Mike Jennings: Yeah. So, first, thanks for the compliment on timing. I wouldn’t say we necessarily planned it that way, but it has worked out very well for us and our shareholders. As to taking on the burden and the blessing of being the consolidator, we don’t hold ourselves to that standard. We are opportunistic. We have defined geography and quality of assets that we are looking for. At present, our plate is really full in respect of the Sinclair acquisition and our goal is to really make an excellent combined unit out of that company and the historical Holly. We have got some months ahead of us in terms of realizing all the opportunity that we bought into, and frankly, years ahead of us in integrating more downstream into that branded wholesale network that we aspire to have.
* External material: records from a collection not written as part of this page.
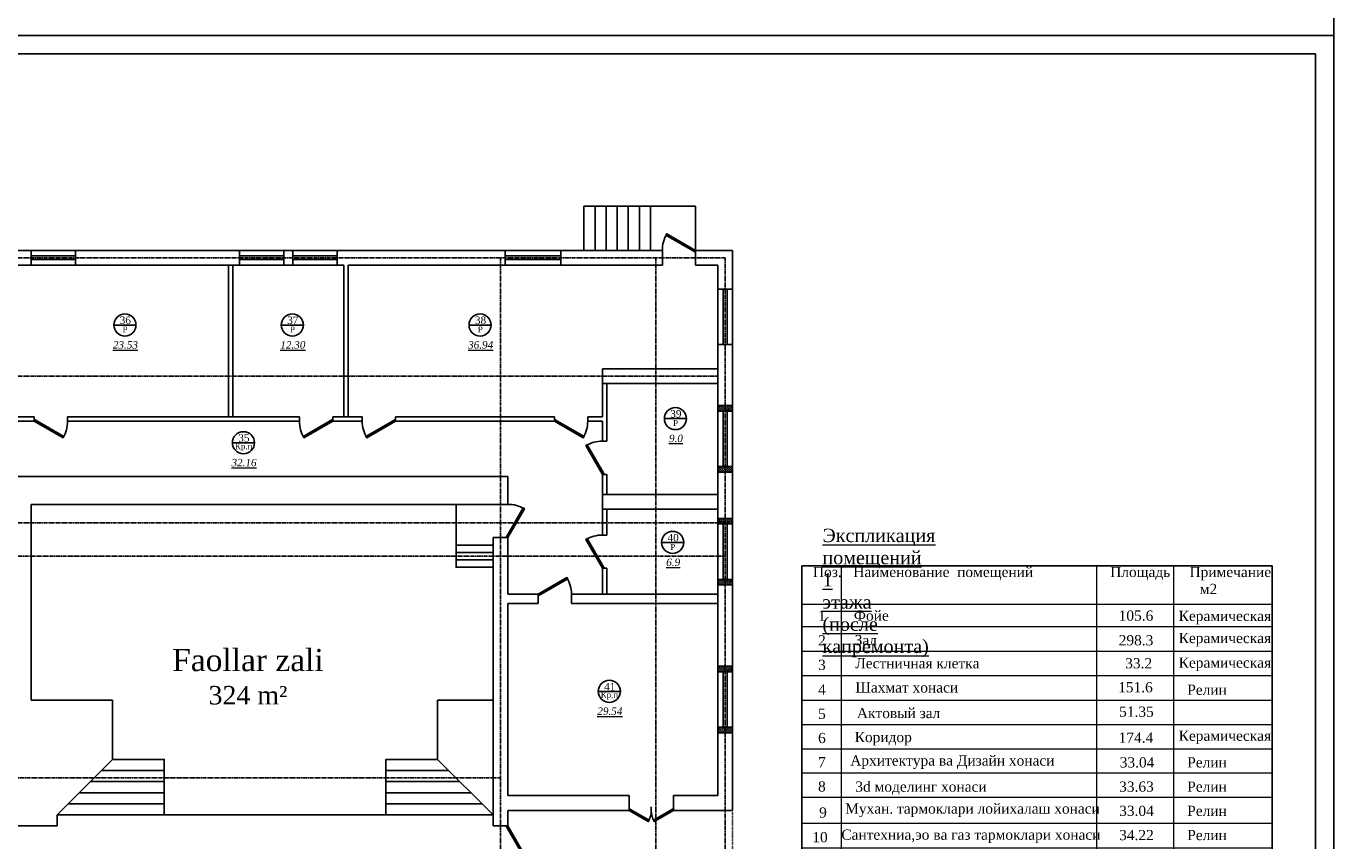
# Model space of a CAD drawing. Header units: inches. Extents: x 8001 to 766003, y -84601 to 563258.
# Tile 36 of 169: x 253720 to 289106, y 176386 to 198423. Entities that reach past the tile are written whole.
import ezdxf

# ---------------------------------------------------------------- set-up
doc = ezdxf.new("R2010")
doc.units = ezdxf.units.IN
doc.header["$MEASUREMENT"] = 0
doc.linetypes.add('Dashed', pattern=[19.05, 12.7, -6.35])
doc.linetypes.add('STROT', pattern=[1.7, 0.5, -1.2])
doc.layers.add('.', color=7, linetype='Continuous', lineweight=15)
doc.layers.add('РАЗРЕЗ', color=7, linetype='Continuous')
doc.styles.add('676767', font='times.ttf')
doc.styles.get("Standard").update_dxf_attribs({"font": 'arial.ttf'})
doc.styles.add('TIEMS', font='times.ttf')

# ---------------------------------------------------------------- blocks, each defined once
blk = doc.blocks.new('*U279')
at = {"color": 5}
for p, q in [((0, 0), (0, 4)), ((24, 0), (24, 4))]:
    blk.add_line(p, q, dxfattribs=at)
blk.add_lwpolyline([(0, 0), (20.8, -12), (21.7, -10.5), (0.9, 1.5)], close=True, dxfattribs=at)
blk.add_arc((0, 0), 24, 330, 0, dxfattribs=at)
blk = doc.blocks.new('*U276')
at = {"color": 5}
for p, q in [((-36, 0), (-36, 4)), ((0, 0), (0, 4))]:
    blk.add_line(p, q, dxfattribs=at)
blk.add_lwpolyline([(0, 0), (-31.2, -18), (-32.1, -16.5), (-0.9, 1.5)], close=True, dxfattribs=at)
blk.add_arc((0, 0), 36, 180, 210, dxfattribs=at)
blk = doc.blocks.new('*U7')
at = {"color": 5}
for p, q in [((-36, 0), (-36, 4)), ((0, 0), (0, 4))]:
    blk.add_line(p, q, dxfattribs=at)
blk.add_lwpolyline([(0, 0), (-31.2, -18), (-32.1, -16.5), (-0.9, 1.5)], close=True, dxfattribs=at)
blk.add_arc((0, 0), 36, 180, 210, dxfattribs=at)
blk = doc.blocks.new('*U281')
at = {"color": 5}
for p, q in [((0, 0), (0, 4)), ((36, 0), (36, 4))]:
    blk.add_line(p, q, dxfattribs=at)
blk.add_lwpolyline([(0, 0), (31.2, -18), (32.1, -16.5), (0.9, 1.5)], close=True, dxfattribs=at)
blk.add_arc((0, 0), 36, 330, 0, dxfattribs=at)
blk = doc.blocks.new('*U8')
at = {"color": 5}
for p, q in [((0, 0), (0, -4)), ((36, 0), (36, -4))]:
    blk.add_line(p, q, dxfattribs=at)
blk.add_lwpolyline([(0, 0), (31.2, 18), (32.1, 16.5), (0.9, -1.5)], close=True, dxfattribs=at)
blk.add_arc((0, 0), 36, 0, 30, dxfattribs=at)
blk = doc.blocks.new('*U282')
at = {"color": 5}
for p, q in [((0, 0), (0, -4)), ((36, 0), (36, -4))]:
    blk.add_line(p, q, dxfattribs=at)
blk.add_lwpolyline([(0, 0), (31.2, 18), (32.1, 16.5), (0.9, -1.5)], close=True, dxfattribs=at)
blk.add_arc((0, 0), 36, 0, 30, dxfattribs=at)
blk = doc.blocks.new('sjjg')
at = {"layer": '.'}
h = blk.add_hatch(dxfattribs=at)
h.set_pattern_fill('JIS_LC_8', color=32, scale=5)
h.set_pattern_definition([(45, (1858980.19, 2036544.227), (-27.57716447, 27.57716447), []), (45, (1858982.19, 2036544.227), (-27.57716447, 27.57716447), [])])
h.paths.add_polyline_path([(250527.8, 224095.7), (250327.8, 224095.7), (250327.8, 223945.7), (250527.8, 223945.7)])
h.paths.add_polyline_path([(250727.8, 224095.7), (250527.8, 224095.7), (250527.8, 223945.7), (250727.8, 223945.7)])
h.paths.add_polyline_path([(250727.8, 222445.7), (250527.8, 222445.7), (250527.8, 222295.7), (250727.8, 222295.7)])
h.paths.add_polyline_path([(250527.8, 222445.7), (250327.8, 222445.7), (250327.8, 222295.7), (250527.8, 222295.7)])
h = blk.add_hatch(dxfattribs=at)
h.set_pattern_fill('JIS_LC_8', color=32, scale=5)
h.set_pattern_definition([(45, (1858980.19, 2033494.227), (-27.57716447, 27.57716447), []), (45, (1858982.19, 2033494.227), (-27.57716447, 27.57716447), [])])
h.paths.add_polyline_path([(250527.8, 221045.7), (250327.8, 221045.7), (250327.8, 220895.7), (250527.8, 220895.7)])
h.paths.add_polyline_path([(250727.8, 221045.7), (250527.8, 221045.7), (250527.8, 220895.7), (250727.8, 220895.7)])
h.paths.add_polyline_path([(250727.8, 219395.7), (250527.8, 219395.7), (250527.8, 219245.7), (250727.8, 219245.7)])
h.paths.add_polyline_path([(250527.8, 219395.7), (250327.8, 219395.7), (250327.8, 219245.7), (250527.8, 219245.7)])
h = blk.add_hatch(dxfattribs=at)
h.set_pattern_fill('JIS_LC_8', color=32, scale=5)
h.set_pattern_definition([(45, (1858980.19, 2029494.227), (-27.57716447, 27.57716447), []), (45, (1858982.19, 2029494.227), (-27.57716447, 27.57716447), [])])
h.paths.add_polyline_path([(250527.8, 217045.7), (250327.8, 217045.7), (250327.8, 216895.7), (250527.8, 216895.7)])
h.paths.add_polyline_path([(250727.8, 217045.7), (250527.8, 217045.7), (250527.8, 216895.7), (250727.8, 216895.7)])
h.paths.add_polyline_path([(250727.8, 215395.7), (250527.8, 215395.7), (250527.8, 215245.7), (250727.8, 215245.7)])
h.paths.add_polyline_path([(250527.8, 215395.7), (250327.8, 215395.7), (250327.8, 215245.7), (250527.8, 215245.7)])
for p, q in [((249727.8, 229495.7), (246706.9, 229495.7)), ((246706.9, 229495.7), (246706.9, 228295.7)), ((247006.9, 229495.7), (247006.9, 228295.7)), ((247306.9, 229495.7), (247306.9, 228295.7)), ((247606.9, 229495.7), (247606.9, 228295.7)), ((247906.9, 229495.7), (247906.9, 228295.7)), ((248206.9, 229495.7), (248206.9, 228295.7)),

So there’s plenty to do to realize what we have purchased already. As to the future, yes, we believe that because of energy transition, there will be net sellers of assets, focusing principally on the larger oil companies that are redeploying towards a more renewable portfolio. But at present, we don’t take on the strategy of necessarily being a consolidator. We will be more opportunistic.
Neil Mehta: Thanks, Mike.
Mike Jennings: Yeah.
Operator: And our next follow-up question comes from the line of Paul Cheng from Scotiabank. Your line is open.
Paul Cheng: Hey, guys. Thank you. Just a quick follow up. In terms of the Sinclair synergy, you mentioned that you achieved $100 million on rate already. So from this point on, where do you see if there’s any incremental opportunity for that synergy benefit, where that’s — if there’s opportunity that where is the biggest piece it’s going to come from? That’s the first question. And second question, I want to go back into the Lubricant. Tim, you mentioned that $47 million of impact. So that’s about $16 per barrel based on your throughput on the third quarter. So even if I added back that your gross margin, say, call in the 27%, it’s still very low. And also that, I mean, when we talk to other people like Exxon, they actually indicate base oil margin actually has been up and when we look at the market indicator is also up.
So we are trying to reconcile that, why that your — is that something that you need to utilize from an accounting standpoint outside the FIFO we should be aware?
Tim Go: Yeah. Paul, this is Tim. Let me try to hit both of those questions. On the Sinclair synergy side, we still, as Mike mentioned, I believe there’s a lot more opportunity for us to continue to integrate and capture just all the benefits of the synergies. Certainly, with Sinclair, but also as you add Puget Sound into the mix, there’s a lot of opportunity that we think organically that we can focus on. Couple of examples, supply chain and logistics, given our presence in the Rockies area, there continues to be just a lot of opportunities for us to optimize our trucking and our pipeline deliveries, how we are putting product into the various markets between the Woods Cross Refinery, the Casper Refinery and the Rollins Refinery, we think there’s a lot of transportation savings, pipeline tariff savings, truck savings just by managing and optimizing our supply chain and logistics.
From a procurement standpoint, we have captured some procurement savings already, but we think as we continue to leverage our scale and leverage the seven refineries we now have in our portfolio that there’s going to be more procurement opportunities there. From a reliability standpoint, we believe as we continue to knowledge share across our refineries, we are going to continue to lift the bar across our whole portfolio in terms of reliability, performance and utilization. And then, finally, in some of the intermediate products that we make at these refineries, we think there’s some optimization opportunities to again integrate amongst especially the Rocky Mountain refineries as of fuel, oil, asphalt and things like that, that are going to generate more opportunities for us in the future.